• **PROBLEM STATEMENT**
Omit the pictures and copy the entries exactly.

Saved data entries
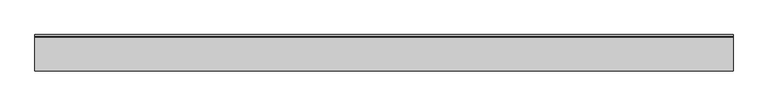
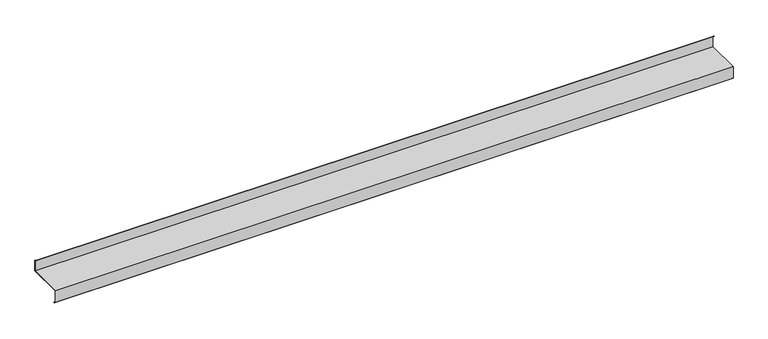
"""IFC4 building model written with IfcOpenShell, lengths in millimetres: proxy geometry, Generic Models 7:Generic Models 1:337419:Generic Models 1:337419 : Generic Models 7:Generic Models 1:337419:26 : Generic Models 7:Generic Models 1:337419:Generic Models 1:337419 : Generic Models 7:Generic Models 1:337419:301336."""

from ifc_helpers import new_model, si_unit, frame, origin, place, context, project, spatial, polyline, outline, extrude, source, transform, mapped, element, save


def generic_models_64e8c91f(model_context):
    return source(origin(), model_context, "Body", "SweptSolid", [
        extrude(outline(polyline([(-536811.2913358, 2544.5640625), (-536560.0694608, 2544.5640625), (-536560.0694608, 2619.8653956), (-536573.8564173, 2631.4340257), (-536571.8844825, 2633.4059605), (-536557.2913358, 2621.1608565), (-536557.2913358, 2541.7859375), (-536808.5132108, 2541.7859375), (-536808.5132108, 2460.1344425), (-536794.9124449, 2448.7220448), (-536796.8843797, 2446.7501099), (-536811.2913358, 2458.8389815), (-536811.2913358, 2544.5640625)])), frame((591306.0367242, 0.0, 0.0), z_axis=(1.0, 0.0, 0.0), x_axis=(0.0, 1.0, 0.0)), (0.0, 0.0, 1.0), 4876.8),
    ])


if __name__ == "__main__":
    model = new_model("IFC4")
    model_context = context("Model", 3, world=origin())
    ifc_project = project(units=[si_unit("LENGTHUNIT", "METRE", prefix="MILLI")], contexts=[model_context])
    site = spatial("IfcSite", under=ifc_project)
    building = spatial("IfcBuilding", under=site)
    placement = place(None, origin())
    generic_models_shape = generic_models_64e8c91f(model_context)
    element("IfcBuildingElementProxy", 1, Name="Generic Models 7:Generic Models 1:337419:Generic Models 1:337419 : Generic Models 7:Generic Models 1:337419:26 : Generic Models 7:Generic Models 1:337419:Generic Models 1:337419 : Generic Models 7:Generic Models 1:337419:301336", ObjectType="Generic Models 7:Generic Models 1:337419:Generic Models 1:337419 : Generic Models 7:Generic Models 1:337419:26 : Generic Models 7:Generic Models 1:337419:Generic Models 1:337419 : Generic Models 7:Generic Models 1:337419:301336", at=placement, inside=building, context=model_context, shape_type="MappedRepresentation", body=[
        mapped(generic_models_shape, transform((0.0, 0.0, 0.0), x_axis=(1.0, 0.0, 0.0), y_axis=(0.0, 1.0, 0.0), z_axis=(0.0, 0.0, 1.0))),
    ])
    save(model, "model.ifc")

# Revit data of these elements
# Type "Generic Models 7:Generic Models 1:337419:Generic Models 1:337419 : Generic Models 7:Generic Models 1:337419:26 : Generic Models 7:Generic Models 1:337419:Generic Models 1:337419 : Generic Models 7:Generic Models 1:337419:301336"
#   NameOverride = "Generic Models 7:Generic Models 1:337419:Generic Models 1:337419 : Generic Models 7:Generic Models 1:337419:301336"
#   ObjectTypeOverride = "Generic Models 1:337419 : Generic Models 7:Generic Models 1:337419"
#   Reference = "Generic Models 1"
#   Tag = "301336"
# Element 1 (IfcBuildingElementProxy, "Generic Models 7:Generic Models 1:337419:Generic Models 1:337419 : Generic Models 7:Generic Models 1:337419:26 : Generic Models 7:Generic Models 1:337419:Generic Models 1:337419 : Generic Models 7:Generic Models 1:337419:301336")
#   Materials on its faces: "'ZEE' SECTION (8.0x3.5Z - SEE STRUCT. DWGS)"
# Materials
#   "'ZEE' SECTION (8.0x3.5Z - SEE STRUCT. DWGS)": class "Unassigned", colour RGB 210 209 208, transparency 0, Keynote = "M05121300.02", Cost = 0

• **ANSWER SPACE**
"""IFC4 building model written with IfcOpenShell, lengths in millimetres: proxy geometry, Generic Models 7:Generic Models 1:337419:Generic Models 1:337419 : Generic Models 7:Generic Models 1:337419:26 : Generic Models 7:Generic Models 1:337419:Generic Models 1:337419 : Generic Models 7:Generic Models 1:337419:301336."""

from ifc_helpers import new_model, si_unit, frame, origin, place, context, project, spatial, polyline, outline, extrude, source, transform, mapped, element, save


def generic_models_64e8c91f(model_context):
    return source(origin(), model_context, "Body", "SweptSolid", [
        extrude(outline(polyline([(-536811.2913358, 2544.5640625), (-536560.0694608, 2544.5640625), (-536560.0694608, 2619.8653956), (-536573.8564173, 2631.4340257), (-536571.8844825, 2633.4059605), (-536557.2913358, 2621.1608565), (-536557.2913358, 2541.7859375), (-536808.5132108, 2541.7859375), (-536808.5132108, 2460.1344425), (-536794.9124449, 2448.7220448), (-536796.8843797, 2446.7501099), (-536811.2913358, 2458.8389815), (-536811.2913358, 2544.5640625)])), frame((591306.0367242, 0.0, 0.0), z_axis=(1.0, 0.0, 0.0), x_axis=(0.0, 1.0, 0.0)), (0.0, 0.0, 1.0), 4876.8),
    ])


if __name__ == "__main__":
    model = new_model("IFC4")
    model_context = context("Model", 3, world=origin())
    ifc_project = project(units=[si_unit("LENGTHUNIT", "METRE", prefix="MILLI")], contexts=[model_context])
    site = spatial("IfcSite", under=ifc_project)
    building = spatial("IfcBuilding", under=site)
    placement = place(None, origin())
    generic_models_shape = generic_models_64e8c91f(model_context)
    element("IfcBuildingElementProxy", 1, Name="Generic Models 7:Generic Models 1:337419:Generic Models 1:337419 : Generic Models 7:Generic Models 1:337419:26 : Generic Models 7:Generic Models 1:337419:Generic Models 1:337419 : Generic Models 7:Generic Models 1:337419:301336", ObjectType="Generic Models 7:Generic Models 1:337419:Generic Models 1:337419 : Generic Models 7:Generic Models 1:337419:26 : Generic Models 7:Generic Models 1:337419:Generic Models 1:337419 : Generic Models 7:Generic Models 1:337419:301336", at=placement, inside=building, context=model_context, shape_type="MappedRepresentation", body=[
        mapped(generic_models_shape, transform((0.0, 0.0, 0.0), x_axis=(1.0, 0.0, 0.0), y_axis=(0.0, 1.0, 0.0), z_axis=(0.0, 0.0, 1.0))),
    ])
    save(model, "model.ifc")

# Revit data of these elements
# Type "Generic Models 7:Generic Models 1:337419:Generic Models 1:337419 : Generic Models 7:Generic Models 1:337419:26 : Generic Models 7:Generic Models 1:337419:Generic Models 1:337419 : Generic Models 7:Generic Models 1:337419:301336"
#   NameOverride = "Generic Models 7:Generic Models 1:337419:Generic Models 1:337419 : Generic Models 7:Generic Models 1:337419:301336"
#   ObjectTypeOverride = "Generic Models 1:337419 : Generic Models 7:Generic Models 1:337419"
#   Reference = "Generic Models 1"
#   Tag = "301336"
# Element 1 (IfcBuildingElementProxy, "Generic Models 7:Generic Models 1:337419:Generic Models 1:337419 : Generic Models 7:Generic Models 1:337419:26 : Generic Models 7:Generic Models 1:337419:Generic Models 1:337419 : Generic Models 7:Generic Models 1:337419:301336")
#   Materials on its faces: "'ZEE' SECTION (8.0x3.5Z - SEE STRUCT. DWGS)"
# Materials
#   "'ZEE' SECTION (8.0x3.5Z - SEE STRUCT. DWGS)": class "Unassigned", colour RGB 210 209 208, transparency 0, Keynote = "M05121300.02", Cost = 0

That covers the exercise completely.